CPP 25-Apr Documentation

Posted by Pete Sun, 24 Apr 2016 22:27:00 GMT

Just when you thought you had finished the program, the awkward question is asked

Do you understand how the program works?

Many different types of documentation

  1. Reminders to yourself while writing the program — these do not have to be permanent, since once that part of the program is finished, the notes are no longer needed.
  2. Design ideas about how you plan on building the program — sometimes you need to keep these, other times they can be thrown away.
  3. Notes to users on how the program works — also known as user documentation. This is a key deliverable if you are writing software for others to use. Some companies go as far as writing the user documentation before they write the program.
  4. Maintenance notes for other programmers on how to maintain and extend the program — As a minimum this needs to describe the major constructs used in the program and how they are interlinked to deliver the functionality. Some people go as far as naming and describing what is in each file in the project.
  5. Dependency management — recording the things that the program depends on in order to be built and to run. At the most basic level you need to know what version of the compiler and operating system that were used to build the program, and the target operating system that you intend the program to be able to run on.
  6. Design documentation — explaining the as-built design of the program, as distinct from the intended design of the program.
  7. Tests and test results — explaining how the program was tested and the test cases that were used. This is very important when a defect is found, since the test cases will show the causes of the fault that can be ignored (assuming that the test cases pass).
  8. In code comments — explaining the more obscure parts of the code, when it is not trivial to rewrite the code to make it clearer.
  9. File header comments — explaining what is in the file, and what should not be in the file.
  10. Intention revealing names — when naming methods make sure that the name gives at least a hint of what the method does for the caller, the name should not indicate how the method actually works.
  11. Classes name concepts — so whenever naming a class, remember that you are documenting the important concepts in the program.
  12. Requirements — remembering why the various restrictions on the program exist is key to being able to extend the program in the future.

To Do

Document your program, taking into account the above concepts. To help you guide your documentation, make sure that it explains what you would have to do to add ^ as the power operator. The result of 2 ^ 2 should be 4.

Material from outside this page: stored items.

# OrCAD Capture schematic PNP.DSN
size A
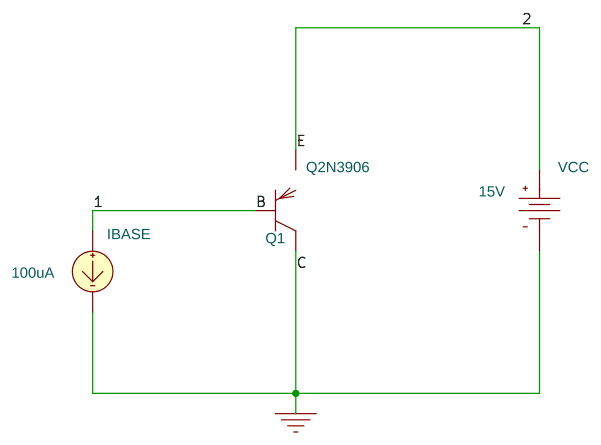
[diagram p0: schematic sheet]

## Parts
IBASE  IDC
Q1  Q2N3906  [TO92]
VCC  VDC

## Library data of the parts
IBASE = IDC: DC: 100uA
Q1 = Q2N3906
VCC = VDC: DC: 15V

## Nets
0: IBASE.2(-) Q1.3(c) VCC.1(-)
1: IBASE.1(+) Q1.2(b)
2: Q1.1(e) VCC.0(+)
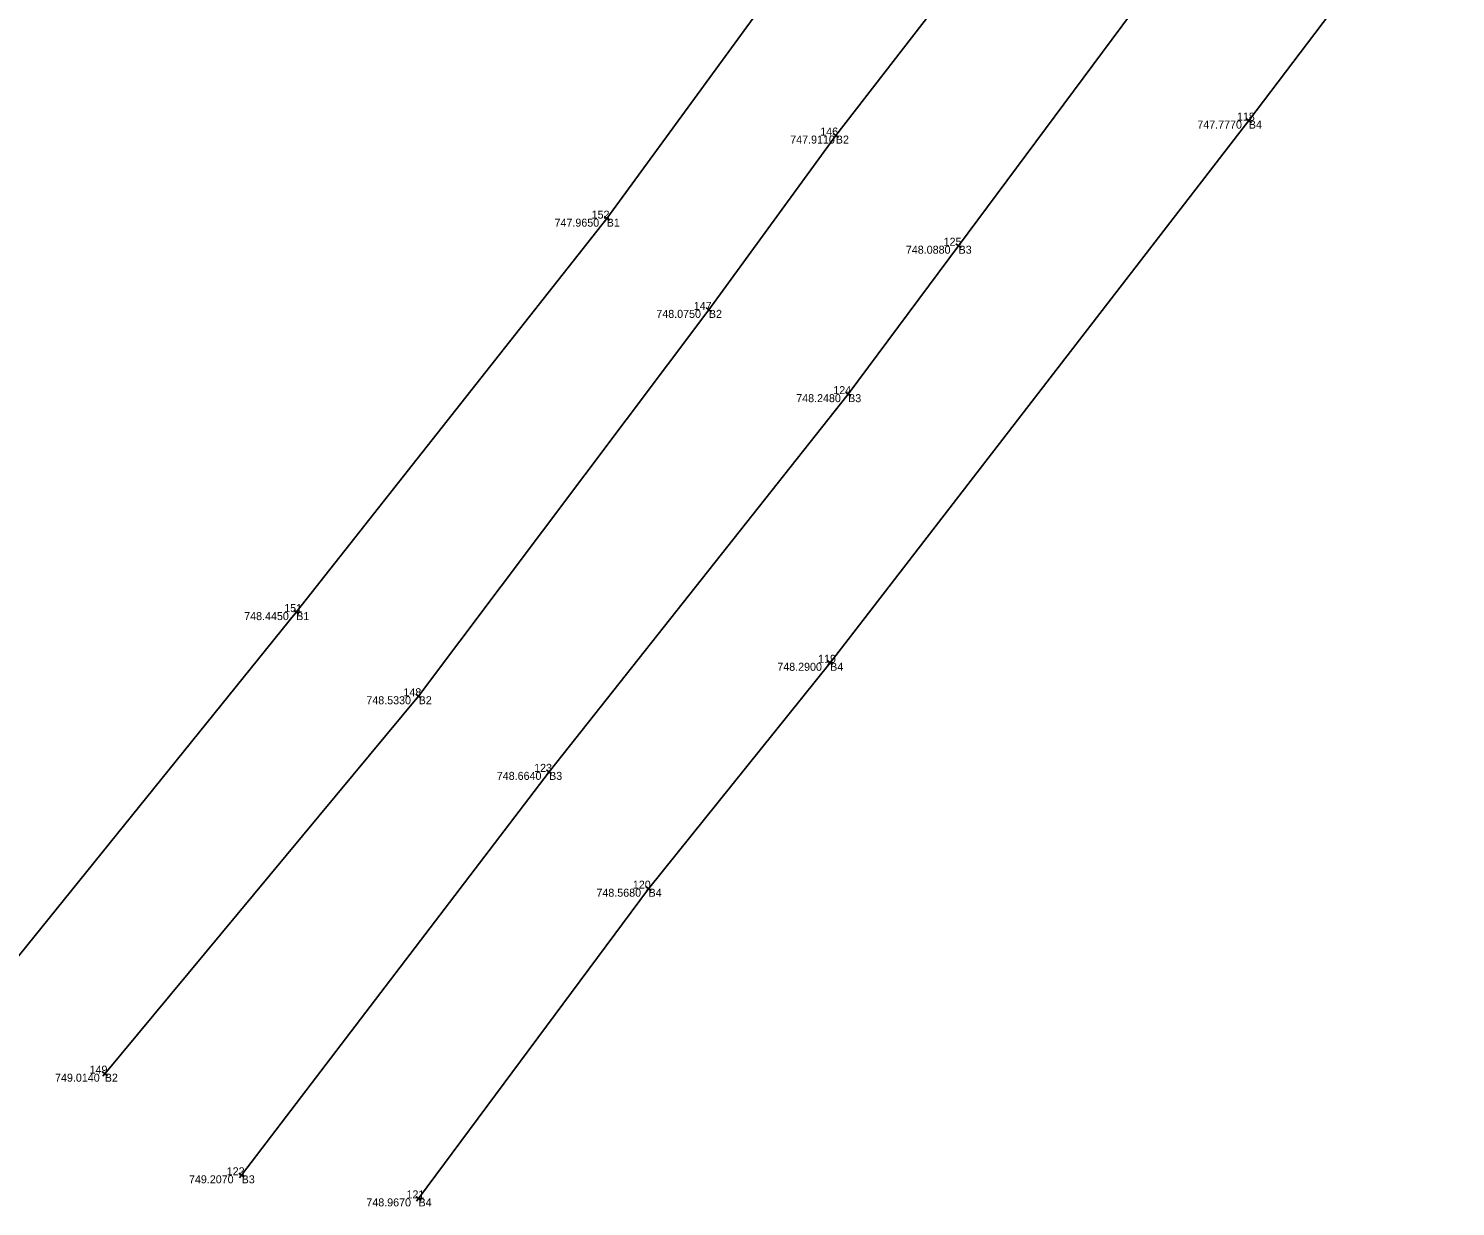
# Model space of a CAD drawing. Extents: x 1857337 to 1857837, y 693958 to 694371.
# Drawn here: x 1857509.4 to 1857616.4, y 694113.2 to 694201.5 of the extents above; entities that cross this region are included whole.
import ezdxf

# ---------------------------------------------------------------- set-up
doc = ezdxf.new("R2010")
doc.units = 0
for name, color, linetype in [('BR_X_SV_Pier_Cap_Bottom', 7, 'Continuous'), ('SV_X_Text_Comment', 7, 'Continuous'), ('SV_X_Text_Description', 7, 'Continuous'), ('SV_X_Text_Name', 7, 'Continuous'), ('UT_X_Electric_Cells', 7, 'Continuous')]:
    doc.layers.add(name, color=color, linetype=linetype)

msp = doc.modelspace()

# ---------------------------------------------------------------- linework, layer by layer
at = {"layer": 'BR_X_SV_Pier_Cap_Bottom'}
for p, q in [((1857601.1, 694194.42), (1857600.7, 694194.73)), ((1857601.05, 694194.77), (1857600.75, 694194.38)), ((1857600.9, 694194.58), (1857600.9, 694194.58)), ((1857570.14, 694193.31), (1857569.75, 694193.62)), ((1857570.1, 694193.66), (1857569.79, 694193.27)), ((1857569.94, 694193.46), (1857569.94, 694193.46)), ((1857552.96, 694187.08), (1857552.56, 694187.38)), ((1857552.91, 694187.43), (1857552.61, 694187.03)), ((1857552.76, 694187.23), (1857552.76, 694187.23)), ((1857579.34, 694185.05), (1857578.94, 694185.35)), ((1857579.29, 694185.4), (1857578.99, 694185)), ((1857579.14, 694185.2), (1857579.14, 694185.2)), ((1857560.62, 694180.24), (1857560.22, 694180.54)), ((1857560.57, 694180.59), (1857560.27, 694180.19)), ((1857560.42, 694180.39), (1857560.42, 694180.39)), ((1857571.06, 694173.92), (1857570.66, 694174.22)), ((1857571.01, 694174.27), (1857570.71, 694173.87)), ((1857570.86, 694174.07), (1857570.86, 694174.07)), ((1857529.68, 694157.57), (1857529.29, 694157.88)), ((1857529.64, 694157.92), (1857529.33, 694157.53)), ((1857529.48, 694157.73), (1857529.48, 694157.73)), ((1857569.7, 694153.78), (1857569.31, 694154.09)), ((1857569.66, 694154.13), (1857569.35, 694153.74)), ((1857569.51, 694153.93), (1857569.51, 694153.93)), ((1857538.86, 694151.27), (1857538.46, 694151.57)), ((1857538.81, 694151.62), (1857538.51, 694151.22)), ((1857538.66, 694151.42), (1857538.66, 694151.42)), ((1857548.63, 694145.59), (1857548.24, 694145.9)), ((1857548.59, 694145.94), (1857548.28, 694145.55)), ((1857548.44, 694145.75), (1857548.44, 694145.75)), ((1857556.09, 694136.83), (1857555.7, 694137.15)), ((1857556.05, 694137.18), (1857555.74, 694136.8)), ((1857555.9, 694136.99), (1857555.9, 694136.99)), ((1857515.32, 694122.96), (1857514.94, 694123.28)), ((1857515.29, 694123.31), (1857514.97, 694122.93)), ((1857515.13, 694123.12), (1857515.13, 694123.12)), ((1857525.58, 694115.35), (1857525.19, 694115.66)), ((1857525.54, 694115.7), (1857525.23, 694115.31)), ((1857525.39, 694115.5), (1857525.39, 694115.5)), ((1857538.85, 694113.62), (1857538.45, 694113.92)), ((1857538.8, 694113.97), (1857538.5, 694113.57)), ((1857538.65, 694113.77), (1857538.65, 694113.77))]:
    msp.add_line(p, q, dxfattribs=at)
at = {"layer": 'UT_X_Electric_Cells'}
for points in [[(1857688.76, 694366.46), (1857664.26, 694336.58), (1857640.4, 694304), (1857624.29, 694283.66), (1857611.11, 694265.29), (1857596.56, 694246.69), (1857577.55, 694221.21), (1857552.76, 694187.23), (1857529.48, 694157.73), (1857506.44, 694129.2)], [(1857700.07, 694362.04), (1857689.25, 694348.99), (1857682.84, 694339.86), (1857667.65, 694320.73), (1857658.45, 694307.7), (1857647.3, 694293.67), (1857639.92, 694285.28), (1857631.25, 694272.58), (1857620.54, 694259.56), (1857609.95, 694246.13), (1857585.77, 694213.92), (1857569.94, 694193.46), (1857560.42, 694180.39), (1857538.66, 694151.42), (1857515.13, 694123.12)], [(1857711.16, 694357.22), (1857703.2, 694345.96), (1857690.71, 694330.85), (1857675.14, 694311.61), (1857665.25, 694297.05), (1857650.19, 694279.11), (1857639.82, 694265.06), (1857626.46, 694247.57), (1857616.28, 694234.21), (1857602.42, 694215.52), (1857593.56, 694204.62), (1857579.14, 694185.2), (1857570.86, 694174.07), (1857548.44, 694145.75), (1857525.39, 694115.5)], [(1857720.32, 694352.91), (1857704.98, 694332.67), (1857684.03, 694304.99), (1857662.01, 694274.86), (1857649.39, 694258.92), (1857636.49, 694241.06), (1857621.4, 694221.62), (1857600.9, 694194.58), (1857569.51, 694153.93), (1857555.9, 694136.99), (1857538.65, 694113.77)]]:
    msp.add_lwpolyline(points, dxfattribs=at)

# ---------------------------------------------------------------- texts
at = {"layer": 'SV_X_Text_Comment'}
for s, p in [('B4', (1857600.9, 694193.98)), ('B2', (1857569.94, 694192.86)), ('B1', (1857552.76, 694186.63)), ('B3', (1857579.14, 694184.6)), ('B2', (1857560.42, 694179.79)), ('B3', (1857570.86, 694173.47)), ('B1', (1857529.48, 694157.13)), ('B4', (1857569.51, 694153.33)), ('B2', (1857538.66, 694150.82)), ('B3', (1857548.44, 694145.15)), ('B4', (1857555.9, 694136.39)), ('B2', (1857515.13, 694122.52)), ('B3', (1857525.39, 694114.9)), ('B4', (1857538.65, 694113.17))]:
    msp.add_text(s, height=0.6, dxfattribs=at).set_placement(p)
at = {"layer": 'SV_X_Text_Description'}
for s, p in [('747.7770', (1857597.04, 694193.98)), ('747.9110', (1857566.52, 694192.86)), ('747.9650', (1857548.85, 694186.63)), ('748.0880', (1857575.19, 694184.6)), ('748.0750', (1857556.48, 694179.79)), ('748.2480', (1857566.97, 694173.47)), ('748.4450', (1857525.58, 694157.13)), ('748.2900', (1857565.55, 694153.33)), ('748.5330', (1857534.74, 694150.82)), ('748.6640', (1857544.52, 694145.15)), ('748.5680', (1857551.99, 694136.39)), ('749.0140', (1857511.4, 694122.52)), ('749.2070', (1857521.44, 694114.9)), ('748.9670', (1857534.74, 694113.17))]:
    msp.add_text(s, height=0.6, dxfattribs=at).set_placement(p)
at = {"layer": 'SV_X_Text_Name'}
for s, p in [('118', (1857600.01, 694194.58)), ('146', (1857568.77, 694193.46)), ('152', (1857551.63, 694187.23)), ('125', (1857578.02, 694185.2)), ('147', (1857559.29, 694180.39)), ('124', (1857569.75, 694174.07)), ('151', (1857528.58, 694157.73)), ('119', (1857568.61, 694153.93)), ('148', (1857537.52, 694151.42)), ('123', (1857547.32, 694145.75)), ('120', (1857554.72, 694136.99)), ('149', (1857513.99, 694123.12)), ('122', (1857524.27, 694115.5)), ('121', (1857537.75, 694113.77))]:
    msp.add_text(s, height=0.6, dxfattribs=at).set_placement(p)

doc.saveas('drawing.dxf')

© Pete McBreen 2016 Let grammar, punctuation, and spelling into your life! Even the most energetic and wonderful mess has to be turned into sentences. — Terry Pratchett

CPP 18-Apr Control Structures

Posted by Pete Mon, 18 Apr 2016 02:59:00 GMT

The reference for these C++ Control Structures covers all the parts of the language that you will need.

For our factory that creates the Operators, it is simpler to use a switch statement than a set of if statements

    if (op.compare("+") == 0 ) {
        return new Expression(new Add());
    }
    if (op.compare("-") == 0 ) {
        return new Expression(new Subtract());
    }
    if (op.compare("*") == 0 ) {
        return new Expression(new Multiply());
    }
    if (op.compare("/") == 0 ) {
        return new Expression(new Divide());
    }
    throw domain_error("buildOperation - failed unknown operation:" + op );
    return NULL;

The alternate code is simpler

    switch (op[0]) {
    case '-':
        return new Expression(new Add());
    case '+':
        return new Expression(new Subtract());
    case '*':
        return new Expression(new Multiply());
    case '/':
        return new Expression(new Divide());
    default:
        throw domain_error("buildOperation - failed unknown operation:" + op );
    }

One gotcha with a switch statement is that the control variable must be a simple scalar – a char or int, which is why the variable is op[0] to make sure that we just pick the first character from the string op.

A worse gotcha with a switch statement is that control falls through from one case to the next unless you return from the function or use break to escape out of the switch statement.

Tasks for the week

Complete the calculator and submit it by the end of Saturday, 23rd April

© Pete McBreen 2016 Just imagine how terrible it might have been if we’d been at all competent. — Terry Pratchett (Good Omens: The Nice and Accurate Prophecies of Agnes Nutter, Witch)

CPP 11-Apr Exceptions

Posted by Pete Sun, 10 Apr 2016 01:37:00 GMT

Exceptions are useful when you can only detect an error deep into a set of function calls, but the error needs to be reported nearer to the top level.

Basically what you need to do is when you detect an error, throw one of the standard exception classes, providing an appropriate error message to the exception constructor. To used these exceptions you have to include <stdexcept>

        throw domain_error("Unexpected end of input - expected a number");

Then at the upper level of the program, enclose the code that can throw the exception in a try ... catch block. For example if the function process can throw the exception, then just wrap the call with the following.

        try {
            vector<string> strings = process(buffer);
        } catch (exception& ex) {
            cout << ex.what() << endl;
        }

Please note that if you do not catch the exception, then your program will terminate, and there will be an extensive error message

        terminate called after throwing an instance of 'std::domain_error'
          what():  Unexpected end of input - expected a number

        This application has requested the Runtime to terminate it in an unusual way.
        Please contact the application's support team for more information.

To Do

  1. Add exceptions with appropriate messages to protect your program against input errors.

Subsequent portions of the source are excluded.